6. Sie kleiden sich nicht angemessen genug
Sie lieben es leger und erscheinen öfters mal unangemessen gekleidet zur Arbeit? Sie denken, das fällt ohnehin keinem auf? Falsch. Denn nur wer sich dem Dresscode des Unternehmens anpasst, hat Aussichten auf die Management-Ebene. Nehmen Sie sich ein Beispiel an denjenigen, die in der Position arbeiten, in die Sie gern befördert werden möchten. Wenn Sie entsprechend gestylt sind, wird es für Personalentscheider viel leichter, Sie in dieser Rolle zu sehen.

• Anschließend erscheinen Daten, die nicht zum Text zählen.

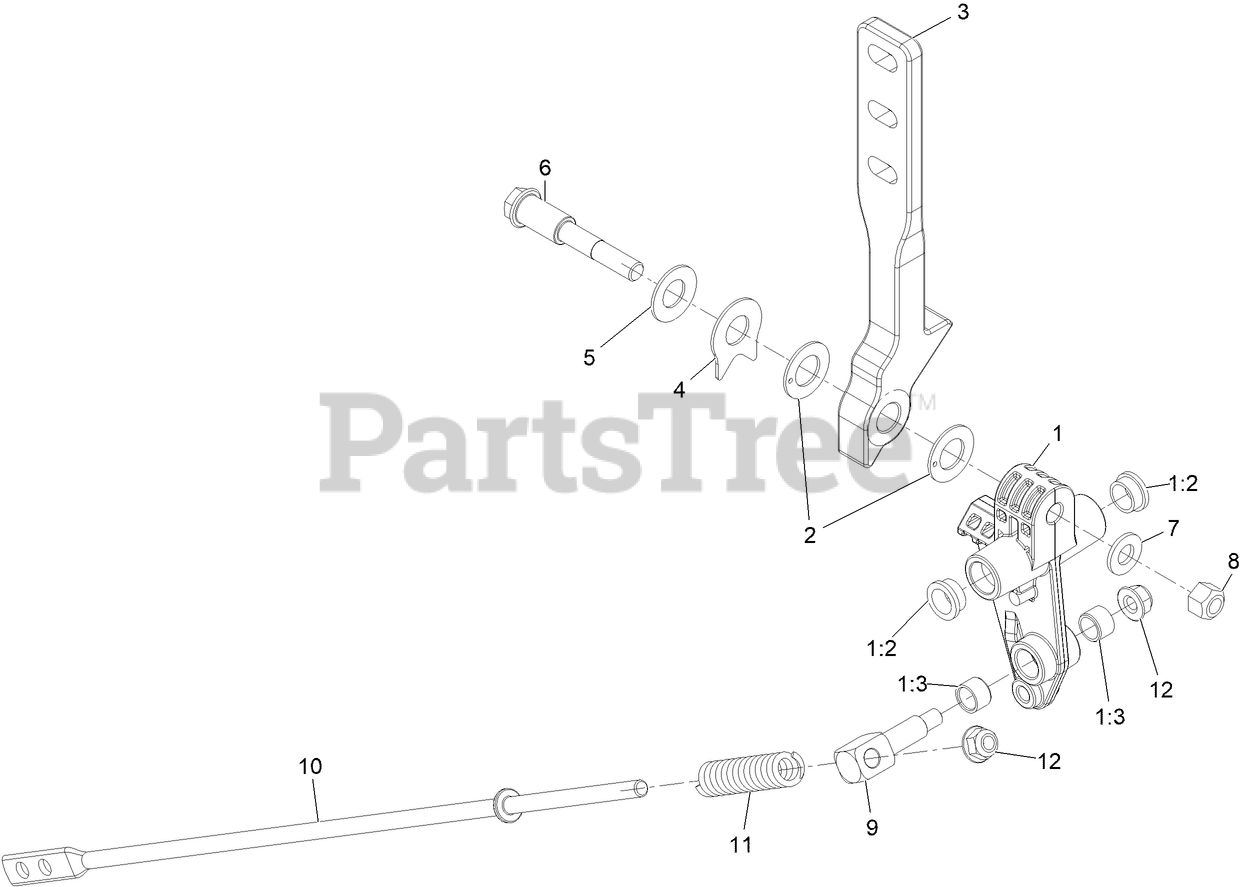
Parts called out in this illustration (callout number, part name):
1	CONTROL ARM ASM
1:2	BUSHING
1:3	BUSHING-SLEEVE
2	WASHER-FRICTION
3	Lever, Motion Control
4	Spacer, Anti-Rotation
5	WASHER-BELLEVILLE
6	Bolt-Pivot
7	WASHER-FLAT
8	NUT-LOCK, CONE
10	Link, Motion Control
11	Spring, Compression
12	NUT-HF, NI

7. Ihr Chef möchte Sie nicht gehen lassen
Sie sind ziemlich gut in Ihrem Job – und das ist auch Ihrem Arbeitgeber klar. Überdurchschnittliche Mitarbeiter sind aber nur schwer entbehrlich – kein Wunder, dass er Sie nicht gehen lassen will. Machen Sie Ihrem Vorgesetzten rechtzeitig klar, dass Sie in der Firma weiterkommen wollen. Bieten Sie ihm eventuell an, einen guten Ersatz für die Stelle zu finden – so bekommen Sie am Ende beide, was Sie wollen.

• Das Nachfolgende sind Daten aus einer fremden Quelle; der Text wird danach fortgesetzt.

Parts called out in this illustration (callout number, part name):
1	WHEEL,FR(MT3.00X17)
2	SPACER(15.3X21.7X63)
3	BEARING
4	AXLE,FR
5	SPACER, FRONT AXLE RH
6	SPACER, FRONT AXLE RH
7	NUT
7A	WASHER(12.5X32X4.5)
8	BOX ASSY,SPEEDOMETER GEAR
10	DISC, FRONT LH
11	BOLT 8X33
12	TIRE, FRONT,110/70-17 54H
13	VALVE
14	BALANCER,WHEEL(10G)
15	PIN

8. Ihre Einstellung ist viel zu negativ
Spielverderber machen sich meistens unbeliebt, das gilt besonders fürs Management. Wenn Sie eine schlechte Einstellung haben, werden Entscheider sich mit der Unterstützung für Sie schwer tun. Auch Widersacher und Konkurrenten im Unternehmen stehen dem Aufstieg im Weg – insbesondere, wenn diese Personen einen guten Draht zum Chef haben. Stellen Sie sich gut mit den richtigen und wichtigen Kollegen, denn das steigert Ihre Chancen enorm.

9. Ihre Kollegen sind anscheinend besser
Eine scharfe Konkurrenz zwischen Mitarbeitern erschwert die Beförderung natürlich. Wenn Sie in einer schwierigen Branche tätig sind, sollten Sie sich stark in Ihrem Job hervortun. Halten Sie sich an die vorherigen Tipps und leisten Sie nicht einfach nur Dienst nach Vorschrift. Seien Sie selbstbewusst, übernehmen Sie Verantwortung, arbeiten Sie wenn möglich auch allein für sich und beweisen Sie, dass Sie mindestens genauso viel drauf haben wie die Superstars.

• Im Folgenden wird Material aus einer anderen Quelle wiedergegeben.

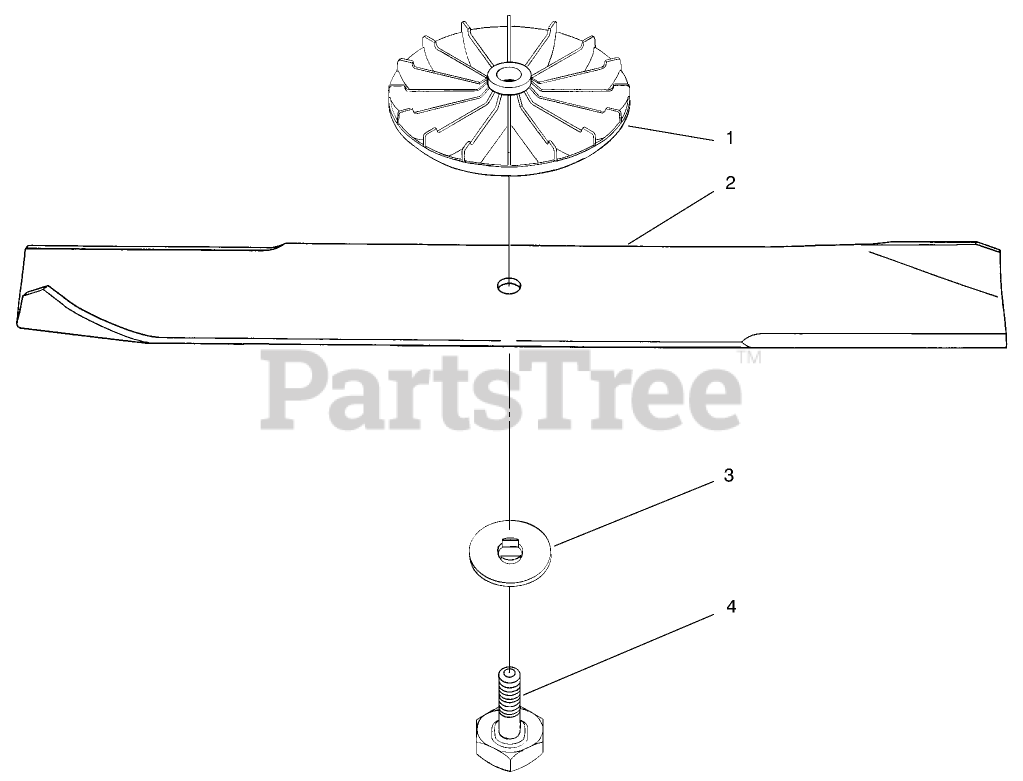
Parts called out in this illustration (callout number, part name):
1	RETAINER - BLADE
2	BLADE
3	CARRIER - BLADE
4	SCREW - COVERED BLADE

10. Sie selbst stehen im Mittelpunkt
Ihr Arbeitgeber will wissen, was Sie für die Firma leisten wollen und können – nicht etwa umgekehrt. Sprechen Sie mit dem Vorgesetzten über eine Beförderung, dann verwenden Sie nicht zu oft Ausdrücke wie „meine Karriere“ oder „meine Ziele“. Reden Sie auch lieber nicht permanent darüber, dass Sie eine höhere Position wollen. Sprechen Sie am besten darüber, dass Sie dem Unternehmen mit allen Mitteln zu mehr Wachstum und Erfolgen verhelfen wollen.

Und denken Sie immer daran: Jeder wird so lange befördert bis er oder sie den Gipfel seiner oder ihrer Inkompetenz erreicht hat. Schauen Sie sich mal in den Chefetagen um.